About this exercise =>
In the material below, some lines carry "linetype". Copy each such line.

Available data =>
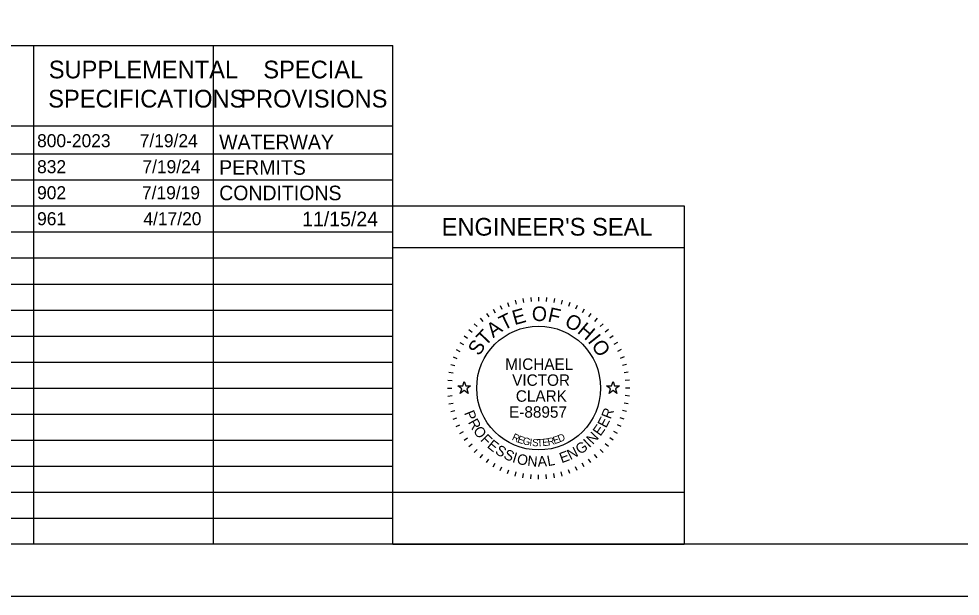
# Model space of a CAD drawing. Extents: x -3.3 to 34, y 0 to 56.8.
# Drawn here: x 20 to 29.05, y 0 to 5.55 of the extents above; entities that cross this region are included whole.
import ezdxf

# ---------------------------------------------------------------- set-up
doc = ezdxf.new("R2010")
doc.units = 0
for name, color, linetype in [('Default', 7, 'Continuous'), ('SH_Border', 7, 'Continuous'), ('SH_Cut_Line', 7, 'Continuous'), ('SH_Data', 7, 'Continuous'), ('SH_Major_Grid_Line', 7, 'Continuous')]:
    doc.layers.add(name, color=color, linetype=linetype)

msp = doc.modelspace()

# ---------------------------------------------------------------- linework, layer by layer
at = {"layer": 'Default'}
for points in [[(24.2236, 2.02), (24.2705, 2.02), (24.285, 2.0645), (24.2995, 2.02), (24.3464, 2.02), (24.3085, 1.9924), (24.323, 1.9478), (24.285, 1.9754), (24.247, 1.9478), (24.2615, 1.9924)], [(25.6536, 2.02), (25.7005, 2.02), (25.715, 2.0645), (25.7295, 2.02), (25.7764, 2.02), (25.7385, 1.9924), (25.753, 1.9478), (25.715, 1.9754), (25.677, 1.9478), (25.6915, 1.9924)]]:
    msp.add_lwpolyline(points, close=True, dxfattribs=at)
at = {"layer": 'SH_Border'}
msp.add_lwpolyline([(0, 0), (34, 0), (34, 22), (0, 22)], close=True, dxfattribs=at)
at = {"layer": 'SH_Cut_Line'}
msp.add_lwpolyline([(1.5, 21.5), (33.5, 21.5), (33.5, 0.5), (1.5, 0.5)], close=True, dxfattribs=at)
at = {"layer": 'SH_Data'}
for p, q in [((10.15, 5.2917), (23.6, 5.2917)), ((20.15, 0.5), (20.15, 5.2917)), ((21.875, 0.5), (21.875, 5.2917)), ((23.6, 0.5), (23.6, 5.2917)), ((10.15, 4.5209), (23.6, 4.5209)), ((10.15, 4.25), (23.6, 4.25)), ((10.15, 4), (23.6, 4)), ((10.15, 3.75), (23.6, 3.75)), ((23.6, 0.5), (23.6, 3.75)), ((23.6, 3.75), (26.4, 3.75)), ((26.4, 3.75), (26.4, 0.5)), ((10.15, 3.5), (23.6, 3.5)), ((23.6, 3.35), (26.4, 3.35)), ((10.15, 3.25), (23.6, 3.25)), ((10.15, 3), (23.6, 3)), ((24.7007, 2.8222), (24.7144, 2.7846)), ((24.7735, 2.8452), (24.7839, 2.8065)), ((24.8481, 2.8617), (24.855, 2.8223)), ((24.9237, 2.8717), (24.9272, 2.8318)), ((25, 2.875), (25, 2.835)), ((25.0763, 2.8717), (25.0728, 2.8318)), ((25.1519, 2.8617), (25.145, 2.8223)), ((25.2265, 2.8452), (25.2161, 2.8065)), ((25.2993, 2.8222), (25.2856, 2.7846)), ((10.15, 2.75), (23.6, 2.75)), ((24.4981, 2.7168), (24.5211, 2.684)), ((24.5625, 2.7578), (24.5825, 2.7231)), ((24.6302, 2.793), (24.6471, 2.7568)), ((25.3698, 2.793), (25.3529, 2.7568)), ((25.4375, 2.7578), (25.4175, 2.7231)), ((25.5019, 2.7168), (25.4789, 2.684)), ((24.4376, 2.6703), (24.4633, 2.6396)), ((25.5624, 2.6703), (25.5367, 2.6396)), ((24.3297, 2.5624), (24.3604, 2.5367)), ((24.3813, 2.6187), (24.4096, 2.5904)), ((25.6187, 2.6187), (25.5904, 2.5904)), ((25.6703, 2.5624), (25.6396, 2.5367)), ((10.15, 2.5), (23.6, 2.5)), ((24.2832, 2.5019), (24.316, 2.4789)), ((25.7168, 2.5019), (25.684, 2.4789)), ((24.207, 2.3698), (24.2432, 2.3529)), ((24.2422, 2.4375), (24.2769, 2.4175)), ((25.7578, 2.4375), (25.7231, 2.4175)), ((25.793, 2.3698), (25.7568, 2.3529)), ((24.1778, 2.2993), (24.2154, 2.2856)), ((25.8222, 2.2993), (25.7846, 2.2856)), ((10.15, 2.25), (23.6, 2.25)), ((24.1548, 2.2265), (24.1935, 2.2161)), ((25.8452, 2.2265), (25.8065, 2.2161)), ((24.1383, 2.1519), (24.1777, 2.145)), ((25.8617, 2.1519), (25.8223, 2.145)), ((10.15, 2), (23.6, 2)), ((24.125, 2), (24.165, 2)), ((24.1283, 2.0763), (24.1682, 2.0728)), ((25.8717, 2.0763), (25.8318, 2.0728)), ((25.875, 2), (25.835, 2)), ((24.1283, 1.9237), (24.1682, 1.9272)), ((25.8717, 1.9237), (25.8318, 1.9272)), ((24.1383, 1.8481), (24.1777, 1.855)), ((25.8617, 1.8481), (25.8223, 1.855)), ((10.15, 1.75), (23.6, 1.75)), ((24.1548, 1.7735), (24.1935, 1.7839)), ((25.8452, 1.7735), (25.8065, 1.7839)), ((24.1778, 1.7007), (24.2154, 1.7144)), ((24.207, 1.6302), (24.2432, 1.6471)), ((25.793, 1.6302), (25.7568, 1.6471)), ((25.8222, 1.7007), (25.7846, 1.7144)), ((24.2422, 1.5625), (24.2769, 1.5825)), ((25.7578, 1.5625), (25.7231, 1.5825)), ((10.15, 1.5), (23.6, 1.5)), ((24.2832, 1.4981), (24.316, 1.5211)), ((24.3297, 1.4376), (24.3604, 1.4633)), ((25.6703, 1.4376), (25.6396, 1.4633)), ((25.7168, 1.4981), (25.684, 1.5211)), ((24.3813, 1.3813), (24.4096, 1.4096)), ((24.4376, 1.3297), (24.4633, 1.3604)), ((25.5624, 1.3297), (25.5367, 1.3604)), ((25.6187, 1.3813), (25.5904, 1.4096)), ((24.4981, 1.2832), (24.5211, 1.316)), ((24.5625, 1.2422), (24.5825, 1.2769)), ((25.4375, 1.2422), (25.4175, 1.2769)), ((25.5019, 1.2832), (25.4789, 1.316)), ((10.15, 1.25), (23.6, 1.25)), ((24.6302, 1.207), (24.6471, 1.2432)), ((24.7007, 1.1778), (24.7144, 1.2154)), ((24.7735, 1.1548), (24.7839, 1.1935)), ((24.8481, 1.1383), (24.855, 1.1777)), ((25.1519, 1.1383), (25.145, 1.1777)), ((25.2265, 1.1548), (25.2161, 1.1935)), ((25.2993, 1.1778), (25.2856, 1.2154)), ((25.3698, 1.207), (25.3529, 1.2432)), ((24.9237, 1.1283), (24.9272, 1.1682)), ((25, 1.125), (25, 1.165)), ((25.0763, 1.1283), (25.0728, 1.1682)), ((10.15, 1), (23.6, 1)), ((10.15, 0.75), (23.6, 0.75)), ((23.6, 0.5), (26.4, 0.5))]:
    msp.add_line(p, q, dxfattribs=at)
msp.add_lwpolyline([(23.6, 0.5), (23.6, 1), (26.4, 1), (26.4, 0.5)], close=True, dxfattribs=at)
msp.add_circle((25, 2), 0.595, dxfattribs=at)

# ---------------------------------------------------------------- texts
for s, height, p in [("ENGINEER'S SEAL", 0.17, (24.0676, 3.465)), ('MICHAEL', 0.11, (24.6789, 2.1749)), ('VICTOR', 0.11, (24.7457, 2.0216)), ('CLARK', 0.11, (24.781, 1.8684)), ('E-88957', 0.11, (24.7159, 1.7151))]:
    msp.add_text(s, height=height, dxfattribs=at).set_placement(p)
for s, height, rotation, p in [('T', 0.14, 25.71674, (24.6616, 2.5518)), ('E', 0.14, 15.75706, (24.7684, 2.6038)), ('O', 0.14, 359.78119, (24.9347, 2.6443)), ('F', 0.14, 347.43619, (25.0811, 2.6417)), ('A', 0.14, 36.47472, (24.5634, 2.4781)), ('O', 0.14, 332.25863, (25.2398, 2.6015)), ('H', 0.14, 319.91363, (25.3632, 2.5361)), ('T', 0.14, 46.4344, (24.4883, 2.3964)), ('S', 0.14, 57.19238, (24.4281, 2.3014)), ('I', 0.14, 308.36695, (25.4665, 2.4483)), ('O', 0.14, 303.14906, (25.5021, 2.4089)), ('P', 0.1, 291.49398, (24.2823, 1.7621)), ('E', 0.1, 61.99508, (25.6476, 1.6098)), ('R', 0.1, 69.23216, (25.6919, 1.6954)), ('R', 0.1, 298.73106, (24.319, 1.6717)), ('E', 0.1, 54.75801, (25.5933, 1.5314)), ('O', 0.1, 306.46664, (24.3655, 1.5883)), ('F', 0.1, 314.7068, (24.4343, 1.4983)), ('R', 0.07, 334.48695, (24.7375, 1.5051)), ('E', 0.07, 341.03996, (24.7906, 1.4801)), ('E', 0.07, 17.68363, (25.1498, 1.4602)), ('D', 0.07, 23.30524, (25.201, 1.477)), ('N', 0.1, 47.02243, (25.5202, 1.4508)), ('E', 0.1, 321.43929, (24.4978, 1.4348)), ('G', 0.07, 347.47515, (24.8414, 1.4618)), ('I', 0.07, 353.78581, (24.9091, 1.4468)), ('S', 0.07, 356.89262, (24.9358, 1.4429)), ('T', 0.07, 3.00609, (24.9857, 1.4387)), ('E', 0.07, 6.01169, (25.0389, 1.4412)), ('R', 0.07, 11.91844, (25.0925, 1.4474)), ('G', 0.1, 35.04687, (25.3981, 1.357)), ('I', 0.1, 43.28703, (25.4868, 1.4214)), ('S', 0.1, 328.67637, (24.5743, 1.3752)), ('S', 0.1, 335.91345, (24.6564, 1.3266)), ('I', 0.1, 343.15053, (24.7406, 1.2897)), ('O', 0.1, 346.88592, (24.7839, 1.2751)), ('E', 0.1, 20.07421, (25.2212, 1.277)), ('N', 0.1, 27.31129, (25.3045, 1.3075)), ('N', 0.1, 355.12608, (24.8888, 1.2517)), ('A', 0.1, 2.86166, (24.9923, 1.2437)), ('L', 0.1, 10.09874, (25.0894, 1.249))]:
    msp.add_text(s, height=height, rotation=rotation, dxfattribs=at).set_placement(p)
at = {"layer": 'SH_Major_Grid_Line'}
for s, height, p in [('SUPPLEMENTAL', 0.17, (20.2925, 4.9763)), ('SPECIAL', 0.17, (22.3542, 4.9763)), ('SPECIFICATIONS', 0.17, (20.2871, 4.6963)), ('PROVISIONS', 0.17, (22.1323, 4.6963)), ('800-2023', 0.125, (20.18, 4.315)), ('7/19/24', 0.125, (21.1663, 4.315)), ('WATERWAY ', 0.14, (21.93, 4.295)), ('832', 0.125, (20.18, 4.065)), ('7/19/24', 0.125, (21.1921, 4.065)), ('PERMITS ', 0.14, (21.93, 4.05)), ('902', 0.125, (20.18, 3.815)), ('7/19/19', 0.125, (21.1882, 3.815)), ('CONDITIONS', 0.14, (21.93, 3.805)), ('961', 0.125, (20.18, 3.565)), ('4/17/20', 0.125, (21.2017, 3.565)), ('11/15/24', 0.14, (22.7275, 3.555))]:
    msp.add_text(s, height=height, dxfattribs=at).set_placement(p)

doc.saveas('drawing.dxf')

Response to this exercise =>
for name, color, linetype in [('Default', 7, 'Continuous'), ('SH_Border', 7, 'Continuous'), ('SH_Cut_Line', 7, 'Continuous'), ('SH_Data', 7, 'Continuous'), ('SH_Major_Grid_Line', 7, 'Continuous')]:
    doc.layers.add(name, color=color, linetype=linetype)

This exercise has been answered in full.